My eyes were opened the more I heard and the more I tasted. The brewery was definitely not a bar, and the crowd wasn’t what you’d typically see on a regular Friday night at Bernie’s Bungalow Lounge. But you could drink (for a buck a sample). And the beer — well, it wasn’t any beer I’d ever tasted. Some of it was sweet, some was dark and brooding, some was light and effervescent. All were good, and unexpected.
So, with a few new favor-ites under my belt, I took some friends and visited Cafe Amsterdam (530 E. Benson Blvd., 274-0074, www.cafe-amsterdam.com), an established beer mecca with a menu that boasts a beer list to rival any wine selection around.
I didn’t know where to start, so I asked for a recommendation. The server had several: cider, bock, brown, lager, pale ale, tremens, Chimay, barleywine; beers from Canada to Scotland to Germany. I was completely lost, and there wasn’t a Coors or Heineken to be found.
But pints were $6, and there were pints aplenty, so we sampled. My loyal tasters tried the Magner’s Irish Cider, Harp’s Lager, Silver Gulch Rye Bock and Chimay Cinq Cents. I tried the Delirium Tremens (dubbed the “best beer in the world” in the 1998 World Beer Championships) and was happy with the lightness, plus the jaunty goblet festooned with red elephants prancing like they were heading to a Dumbo cartoon.
While we sipped, I noticed a key point about beer. There are awesome things you can eat that include it. For example, Cafe Amsterdam serves a Welsh rarebit appetizer that is just bread and cheese covered with ale and baked. I briefly considered changing my expertise to Welsh rarebit columnist.
Another thing I noticed about beer is that, in the end, I hardly noticed it. We forgot about the analysis as we all just relaxed and kept the conversation going. I’ve always enjoyed a beer with hot wings or during a sports game, but I never realized that kind of enjoyment — relaxing, load-off-your-shoulder bliss — can come at any time with a simple glass of brew. With beer you can either start your night or decide to end it early.

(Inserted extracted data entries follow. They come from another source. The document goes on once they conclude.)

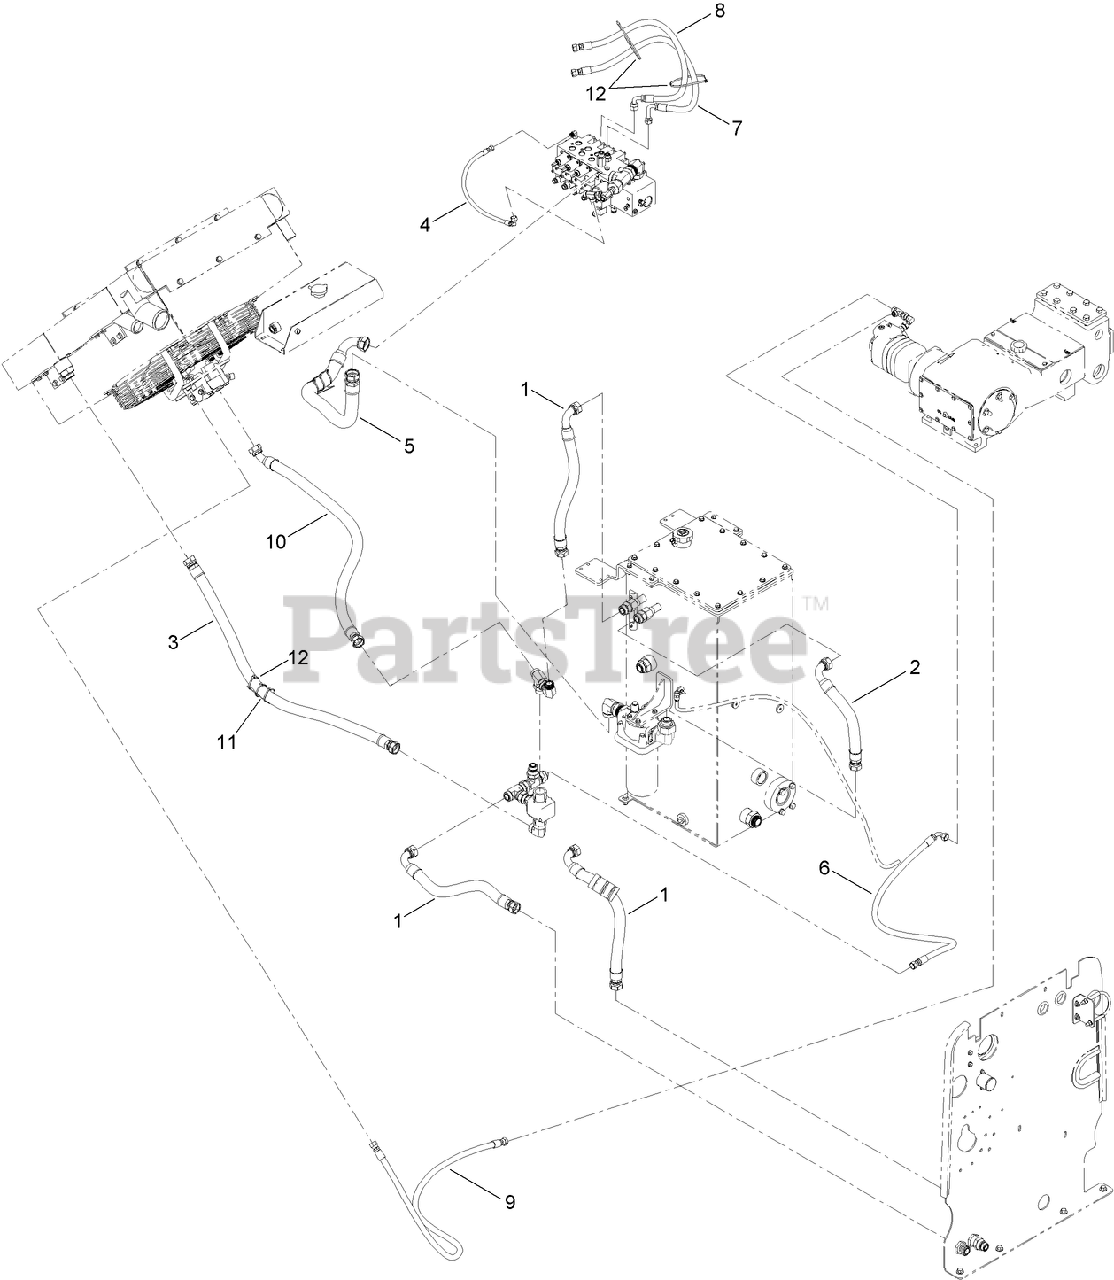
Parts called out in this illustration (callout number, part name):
1	HOSE ASM-HYD
2	HOSE ASM-HYD
3	HOSE ASM-HYD
4	HOSE ASM-HYD
5	HOSE ASM-HYD
6	HOSE ASM-HYD
7	HOSE ASM-HYD
8	HOSE ASM-HYD
9	HOSE ASM-HYD
10	HOSE ASM-HYD
11	PROTECTOR-HOSE
12	TIE-CABLE

Sometimes a cocktail is a stressful venture — you have to choose the right bar, plan ahead with friends, ask about ingredients. With beer, you just have to order a beer. Even if it’s a fancy beer, it’s beer. It isn’t something you order a “double” of. It isn’t something you take in a shot. It’s something you enjoy, slowly and surely, with friends. One pint at a time, anytime.